### [AIM OF THE TASK]
From the listing below, extract each line containing the string "name".
==== RECORDS SHOWN
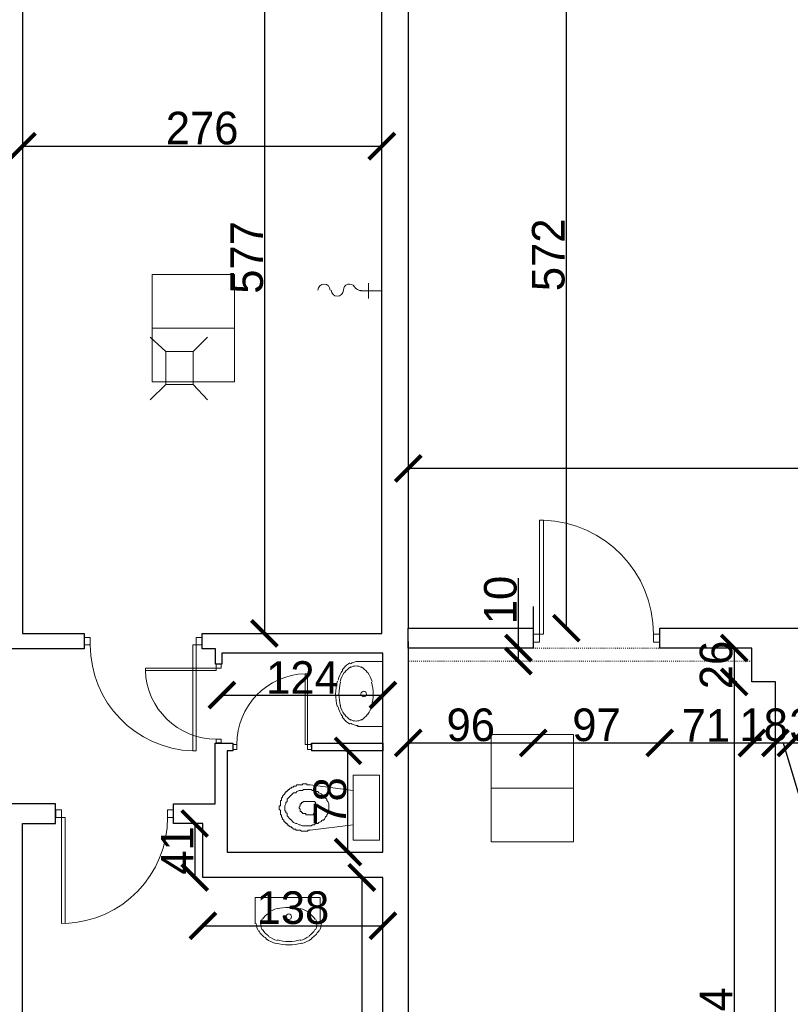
# Model space of a CAD drawing. Header units: centimetres. Extents: x -17621 to 77377, y -18613 to 66.
# Tile 48 of 173: x 8046 to 8638, y -16758 to -16002. Entities that reach past the tile are written whole.
import ezdxf

# ---------------------------------------------------------------- set-up
doc = ezdxf.new("R2010")
doc.units = ezdxf.units.CM
doc.linetypes.add('ACAD_ISO03W100', pattern=[30, 12, -18])
for name, color, linetype, lineweight in [('a_inwentaryzacja', 141, 'Continuous', 0), ('a_podciągi', 2, 'ACAD_ISO03W100', 13), ('a_wymiarowanie', 211, 'Continuous', 0), ('drzwi', 2, 'Continuous', 0), ('pomieszczenia', 191, 'Continuous', 5)]:
    doc.layers.add(name, color=color, linetype=linetype, lineweight=lineweight)
doc.layers.add('PDF2_A720 MEBLE', color=7, linetype='Continuous')
doc.layers.add('PDF2_WYPOSAŻENIE', color=7, linetype='Continuous')
doc.styles.add('PDF Century Gothic', font='GOTHIC.TTF')
doc.dimstyles.new('ISO-25', dxfattribs={"dimtxt": 25, "dimasz": 20, "dimexe": 0.6, "dimexo": 0.375, "dimtad": 1, "dimdec": 0, "dimtxsty": 'PDF Century Gothic', "dimblk": 'ARCHTICK', "dimcen": 2.5, "dimadec": 1, "dimazin": 0, "dimtfac": 1, "dimtdec": 0, "dimtmove": 0, "dimatfit": 3, "dimldrblk": 'ARCHTICK', "dimfxl": 2, "dimfxlon": 1, "dimarcsym": 0})

# ---------------------------------------------------------------- blocks, each defined once
blk = doc.blocks.new('_ArchTick')
at = {"color": 0, "linetype": 'ByBlock', "const_width": 0.15}
blk.add_lwpolyline([(-0.5, -0.5), (0.5, 0.5)], dxfattribs=at)
blk = doc.blocks.new('*D15')
at = {"layer": 'a_wymiarowanie', "color": 0, "lineweight": -2, "transparency": 16777216}
for p, q in [((8468.3, -15896.33), (8465.7, -15896.33)), ((8466.3, -16469.44), (8466.3, -15896.33)), ((8468.3, -16469.44), (8465.7, -16469.44))]:
    blk.add_line(p, q, dxfattribs=at)
at = {"layer": 'Defpoints', "color": 0, "transparency": 16777216}
for p in [(8466.3, -15896.33), (8485.43, -15896.33), (8485.43, -16469.44)]:
    blk.add_point(p, dxfattribs=at)
at = {"layer": 'a_wymiarowanie', "color": 0, "lineweight": -2, "transparency": 16777216, "xscale": 20, "yscale": 20, "zscale": 20}
for p, rotation in [((8466.3, -15896.33), 90), ((8466.3, -16469.44), 270)]:
    blk.add_blockref('_ArchTick', p, dxfattribs=dict(at, rotation=rotation))
at = {"layer": 'a_wymiarowanie', "color": 0, "lineweight": 0, "transparency": 16777216, "insert": (8452.54, -16182.89), "char_height": 25, "attachment_point": 5, "rotation": 90, "style": 'PDF Century Gothic'}
blk.add_mtext('572', dxfattribs=at)
blk = doc.blocks.new('*D241')
at = {"layer": 'a_wymiarowanie', "color": 0, "lineweight": -2, "transparency": 16777216}
for p, q in [((8344.88, -16555.5), (8344.88, -16558.1)), ((8440.88, -16555.5), (8440.88, -16558.1)), ((8344.88, -16557.5), (8440.88, -16557.5))]:
    blk.add_line(p, q, dxfattribs=at)
at = {"layer": 'Defpoints', "color": 0, "transparency": 16777216}
for p in [(8344.88, -16484.68), (8440.88, -16484.68), (8440.88, -16557.5)]:
    blk.add_point(p, dxfattribs=at)
at = {"layer": 'a_wymiarowanie', "color": 0, "lineweight": -2, "transparency": 16777216, "xscale": 20, "yscale": 20, "zscale": 20, "rotation": 180}
blk.add_blockref('_ArchTick', (8344.88, -16557.5), dxfattribs=at)
at = {"layer": 'a_wymiarowanie', "color": 0, "lineweight": -2, "transparency": 16777216, "xscale": 20, "yscale": 20, "zscale": 20}
blk.add_blockref('_ArchTick', (8440.88, -16557.5), dxfattribs=at)
at = {"layer": 'a_wymiarowanie', "color": 0, "lineweight": 0, "transparency": 16777216, "insert": (8392.88, -16543.74), "char_height": 25, "attachment_point": 5, "style": 'PDF Century Gothic'}
blk.add_mtext('96', dxfattribs=at)
blk = doc.blocks.new('*D242')
at = {"layer": 'a_wymiarowanie', "color": 0, "lineweight": -2, "transparency": 16777216}
for p, q in [((8440.88, -16555.5), (8440.88, -16558.1)), ((8538.03, -16555.5), (8538.03, -16558.1)), ((8440.88, -16557.5), (8538.03, -16557.5))]:
    blk.add_line(p, q, dxfattribs=at)
at = {"layer": 'Defpoints', "color": 0, "transparency": 16777216}
for p in [(8440.88, -16484.68), (8538.03, -16484.68), (8538.03, -16557.5)]:
    blk.add_point(p, dxfattribs=at)
at = {"layer": 'a_wymiarowanie', "color": 0, "lineweight": -2, "transparency": 16777216, "xscale": 20, "yscale": 20, "zscale": 20, "rotation": 180}
blk.add_blockref('_ArchTick', (8440.88, -16557.5), dxfattribs=at)
at = {"layer": 'a_wymiarowanie', "color": 0, "lineweight": -2, "transparency": 16777216, "xscale": 20, "yscale": 20, "zscale": 20}
blk.add_blockref('_ArchTick', (8538.03, -16557.5), dxfattribs=at)
at = {"layer": 'a_wymiarowanie', "color": 0, "lineweight": 0, "transparency": 16777216, "insert": (8489.45, -16543.74), "char_height": 25, "attachment_point": 5, "style": 'PDF Century Gothic'}
blk.add_mtext('97', dxfattribs=at)
blk = doc.blocks.new('*D243')
at = {"layer": 'a_wymiarowanie', "color": 0, "lineweight": -2, "transparency": 16777216}
for p, q in [((8538.03, -16555.5), (8538.03, -16558.1)), ((8608.82, -16555.5), (8608.82, -16558.1)), ((8538.03, -16557.5), (8608.82, -16557.5))]:
    blk.add_line(p, q, dxfattribs=at)
at = {"layer": 'Defpoints', "color": 0, "transparency": 16777216}
for p in [(8538.03, -16484.68), (8608.82, -16484.68), (8608.82, -16557.5)]:
    blk.add_point(p, dxfattribs=at)
at = {"layer": 'a_wymiarowanie', "color": 0, "lineweight": -2, "transparency": 16777216, "xscale": 20, "yscale": 20, "zscale": 20, "rotation": 180}
blk.add_blockref('_ArchTick', (8538.03, -16557.5), dxfattribs=at)
at = {"layer": 'a_wymiarowanie', "color": 0, "lineweight": -2, "transparency": 16777216, "xscale": 20, "yscale": 20, "zscale": 20}
blk.add_blockref('_ArchTick', (8608.82, -16557.5), dxfattribs=at)
at = {"layer": 'a_wymiarowanie', "color": 0, "lineweight": 0, "transparency": 16777216, "insert": (8573.42, -16544.06), "char_height": 25, "attachment_point": 5, "style": 'PDF Century Gothic'}
blk.add_mtext('71', dxfattribs=at)
blk = doc.blocks.new('*D244')
at = {"layer": 'a_wymiarowanie', "color": 0, "lineweight": -2, "transparency": 16777216}
for p, q in [((8608.82, -16555.5), (8608.82, -16558.1)), ((8626.82, -16555.5), (8626.82, -16558.1)), ((8608.82, -16557.5), (8626.82, -16557.5))]:
    blk.add_line(p, q, dxfattribs=at)
at = {"layer": 'Defpoints', "color": 0, "transparency": 16777216}
for p in [(8608.82, -16484.68), (8626.82, -16510.68), (8626.82, -16557.5)]:
    blk.add_point(p, dxfattribs=at)
at = {"layer": 'a_wymiarowanie', "color": 0, "lineweight": -2, "transparency": 16777216, "xscale": 20, "yscale": 20, "zscale": 20, "rotation": 180}
blk.add_blockref('_ArchTick', (8608.82, -16557.5), dxfattribs=at)
at = {"layer": 'a_wymiarowanie', "color": 0, "lineweight": -2, "transparency": 16777216, "xscale": 20, "yscale": 20, "zscale": 20}
blk.add_blockref('_ArchTick', (8626.82, -16557.5), dxfattribs=at)
at = {"layer": 'a_wymiarowanie', "color": 0, "lineweight": 0, "transparency": 16777216, "insert": (8617.82, -16543.74), "char_height": 25, "attachment_point": 5, "style": 'PDF Century Gothic'}
blk.add_mtext('18', dxfattribs=at)
blk = doc.blocks.new('*D245')
at = {"layer": 'a_wymiarowanie', "color": 0, "lineweight": -2, "transparency": 16777216}
for p, q in [((8626.82, -16555.5), (8626.82, -16558.1)), ((8638.67, -16555.5), (8638.67, -16558.1)), ((8626.82, -16557.5), (8638.67, -16557.5)), ((8632.75, -16557.5), (8644.74, -16597.48)), ((8644.74, -16597.48), (8678.35, -16597.48))]:
    blk.add_line(p, q, dxfattribs=at)
at = {"layer": 'Defpoints', "color": 0, "transparency": 16777216}
for p in [(8638.67, -16494.68), (8626.82, -16510.68), (8638.67, -16557.5)]:
    blk.add_point(p, dxfattribs=at)
at = {"layer": 'a_wymiarowanie', "color": 0, "lineweight": -2, "transparency": 16777216, "xscale": 20, "yscale": 20, "zscale": 20, "rotation": 180}
blk.add_blockref('_ArchTick', (8626.82, -16557.5), dxfattribs=at)
at = {"layer": 'a_wymiarowanie', "color": 0, "lineweight": -2, "transparency": 16777216, "xscale": 20, "yscale": 20, "zscale": 20}
blk.add_blockref('_ArchTick', (8638.67, -16557.5), dxfattribs=at)
at = {"layer": 'a_wymiarowanie', "color": 0, "lineweight": 0, "transparency": 16777216, "insert": (8661.54, -16584.04), "char_height": 25, "attachment_point": 5, "style": 'PDF Century Gothic'}
blk.add_mtext('12', dxfattribs=at)
blk = doc.blocks.new('*D246')
at = {"layer": 'a_wymiarowanie', "color": 0, "lineweight": -2, "transparency": 16777216}
for p, q in [((8638.67, -16555.5), (8638.67, -16558.1)), ((8673.67, -16555.5), (8673.67, -16558.1)), ((8638.67, -16557.5), (8673.67, -16557.5))]:
    blk.add_line(p, q, dxfattribs=at)
at = {"layer": 'Defpoints', "color": 0, "transparency": 16777216}
for p in [(8638.67, -16494.68), (8673.67, -16494.68), (8673.67, -16557.5)]:
    blk.add_point(p, dxfattribs=at)
at = {"layer": 'a_wymiarowanie', "color": 0, "lineweight": -2, "transparency": 16777216, "xscale": 20, "yscale": 20, "zscale": 20, "rotation": 180}
blk.add_blockref('_ArchTick', (8638.67, -16557.5), dxfattribs=at)
at = {"layer": 'a_wymiarowanie', "color": 0, "lineweight": -2, "transparency": 16777216, "xscale": 20, "yscale": 20, "zscale": 20}
blk.add_blockref('_ArchTick', (8673.67, -16557.5), dxfattribs=at)
at = {"layer": 'a_wymiarowanie', "color": 0, "lineweight": 0, "transparency": 16777216, "insert": (8656.17, -16543.74), "char_height": 25, "attachment_point": 5, "style": 'PDF Century Gothic'}
blk.add_mtext('35', dxfattribs=at)
blk = doc.blocks.new('*D253')
at = {"layer": 'a_wymiarowanie', "color": 0, "lineweight": -2, "transparency": 16777216}
for p, q in [((8597.16, -16484.68), (8594.56, -16484.68)), ((8595.16, -16484.68), (8595.16, -16510.68)), ((8597.16, -16510.68), (8594.56, -16510.68))]:
    blk.add_line(p, q, dxfattribs=at)
at = {"layer": 'Defpoints', "color": 0, "transparency": 16777216}
for p in [(8608.82, -16484.68), (8595.16, -16510.68), (8608.82, -16510.68)]:
    blk.add_point(p, dxfattribs=at)
at = {"layer": 'a_wymiarowanie', "color": 0, "lineweight": -2, "transparency": 16777216, "xscale": 20, "yscale": 20, "zscale": 20}
for p, rotation in [((8595.16, -16484.68), 90), ((8595.16, -16510.68), 270)]:
    blk.add_blockref('_ArchTick', p, dxfattribs=dict(at, rotation=rotation))
at = {"layer": 'a_wymiarowanie', "color": 0, "lineweight": 0, "transparency": 16777216, "insert": (8581.4, -16497.68), "char_height": 25, "attachment_point": 5, "rotation": 90, "style": 'PDF Century Gothic'}
blk.add_mtext('26', dxfattribs=at)
blk = doc.blocks.new('*D254')
at = {"layer": 'a_wymiarowanie', "color": 0, "lineweight": -2, "transparency": 16777216}
for p, q in [((8597.16, -16510.68), (8594.56, -16510.68)), ((8595.16, -16510.68), (8595.16, -17035.09)), ((8597.16, -17035.09), (8594.56, -17035.09))]:
    blk.add_line(p, q, dxfattribs=at)
at = {"layer": 'Defpoints', "color": 0, "transparency": 16777216}
for p in [(8608.82, -16510.68), (8595.16, -17035.09), (8626.82, -17035.09)]:
    blk.add_point(p, dxfattribs=at)
at = {"layer": 'a_wymiarowanie', "color": 0, "lineweight": -2, "transparency": 16777216, "xscale": 20, "yscale": 20, "zscale": 20}
for p, rotation in [((8595.16, -16510.68), 90), ((8595.16, -17035.09), 270)]:
    blk.add_blockref('_ArchTick', p, dxfattribs=dict(at, rotation=rotation))
at = {"layer": 'a_wymiarowanie', "color": 0, "lineweight": 0, "transparency": 16777216, "insert": (8581.4, -16772.89), "char_height": 25, "attachment_point": 5, "rotation": 90, "style": 'PDF Century Gothic'}
blk.add_mtext('524', dxfattribs=at)
blk = doc.blocks.new('*D20')
at = {"layer": 'a_wymiarowanie', "color": 0, "lineweight": -2, "transparency": 16777216}
for p, q in [((8429.5, -16484.68), (8429.5, -16430.92)), ((8427.5, -16484.68), (8430.1, -16484.68)), ((8429.5, -16494.72), (8429.5, -16484.68)), ((8427.5, -16494.72), (8430.1, -16494.72))]:
    blk.add_line(p, q, dxfattribs=at)
at = {"layer": 'Defpoints', "color": 0, "transparency": 16777216}
for p in [(8349.2, -16484.68), (8429.5, -16484.68), (8349.2, -16494.72)]:
    blk.add_point(p, dxfattribs=at)
at = {"layer": 'a_wymiarowanie', "color": 0, "lineweight": -2, "transparency": 16777216, "xscale": 20, "yscale": 20, "zscale": 20}
for p, rotation in [((8429.5, -16484.68), 90), ((8429.5, -16494.72), 270)]:
    blk.add_blockref('_ArchTick', p, dxfattribs=dict(at, rotation=rotation))
at = {"layer": 'a_wymiarowanie', "color": 0, "lineweight": 0, "transparency": 16777216, "insert": (8415.75, -16447.8), "char_height": 25, "attachment_point": 5, "rotation": 90, "style": 'PDF Century Gothic'}
blk.add_mtext('10', dxfattribs=at)
blk = doc.blocks.new('*D495')
at = {"layer": 'a_wymiarowanie', "color": 0, "lineweight": -2, "transparency": 16777216}
for p, q in [((8048.55, -16101.52), (8048.55, -16098.92)), ((8048.55, -16099.52), (8324.56, -16099.52)), ((8324.56, -16101.52), (8324.56, -16098.92))]:
    blk.add_line(p, q, dxfattribs=at)
at = {"layer": 'Defpoints', "color": 0, "transparency": 16777216}
for p in [(8324.56, -16099.52), (8048.55, -16473.44), (8324.56, -16473.44)]:
    blk.add_point(p, dxfattribs=at)
at = {"layer": 'a_wymiarowanie', "color": 0, "lineweight": -2, "transparency": 16777216, "xscale": 20, "yscale": 20, "zscale": 20, "rotation": 180}
blk.add_blockref('_ArchTick', (8048.55, -16099.52), dxfattribs=at)
at = {"layer": 'a_wymiarowanie', "color": 0, "lineweight": -2, "transparency": 16777216, "xscale": 20, "yscale": 20, "zscale": 20}
blk.add_blockref('_ArchTick', (8324.56, -16099.52), dxfattribs=at)
at = {"layer": 'a_wymiarowanie', "color": 0, "lineweight": 0, "transparency": 16777216, "insert": (8186.56, -16085.77), "char_height": 25, "attachment_point": 5, "style": 'PDF Century Gothic'}
blk.add_mtext('276', dxfattribs=at)
blk = doc.blocks.new('*D496')
at = {"layer": 'a_wymiarowanie', "color": 0, "lineweight": -2, "transparency": 16777216}
for p, q in [((8236.38, -15896.33), (8233.78, -15896.33)), ((8234.38, -15896.33), (8234.38, -16473.44)), ((8236.38, -16473.44), (8233.78, -16473.44))]:
    blk.add_line(p, q, dxfattribs=at)
at = {"layer": 'Defpoints', "color": 0, "transparency": 16777216}
for p in [(8324.56, -15896.33), (8234.38, -16473.44), (8324.56, -16473.44)]:
    blk.add_point(p, dxfattribs=at)
at = {"layer": 'a_wymiarowanie', "color": 0, "lineweight": -2, "transparency": 16777216, "xscale": 20, "yscale": 20, "zscale": 20}
for p, rotation in [((8234.38, -15896.33), 90), ((8234.38, -16473.44), 270)]:
    blk.add_blockref('_ArchTick', p, dxfattribs=dict(at, rotation=rotation))
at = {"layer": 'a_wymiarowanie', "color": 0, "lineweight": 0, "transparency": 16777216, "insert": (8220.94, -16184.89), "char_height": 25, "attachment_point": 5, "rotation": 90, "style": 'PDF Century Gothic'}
========
### [TASK ANSWER]
for name, color, linetype, lineweight in [('a_inwentaryzacja', 141, 'Continuous', 0), ('a_podciągi', 2, 'ACAD_ISO03W100', 13), ('a_wymiarowanie', 211, 'Continuous', 0), ('drzwi', 2, 'Continuous', 0), ('pomieszczenia', 191, 'Continuous', 5)]:
    doc.layers.add(name, color=color, linetype=linetype, lineweight=lineweight)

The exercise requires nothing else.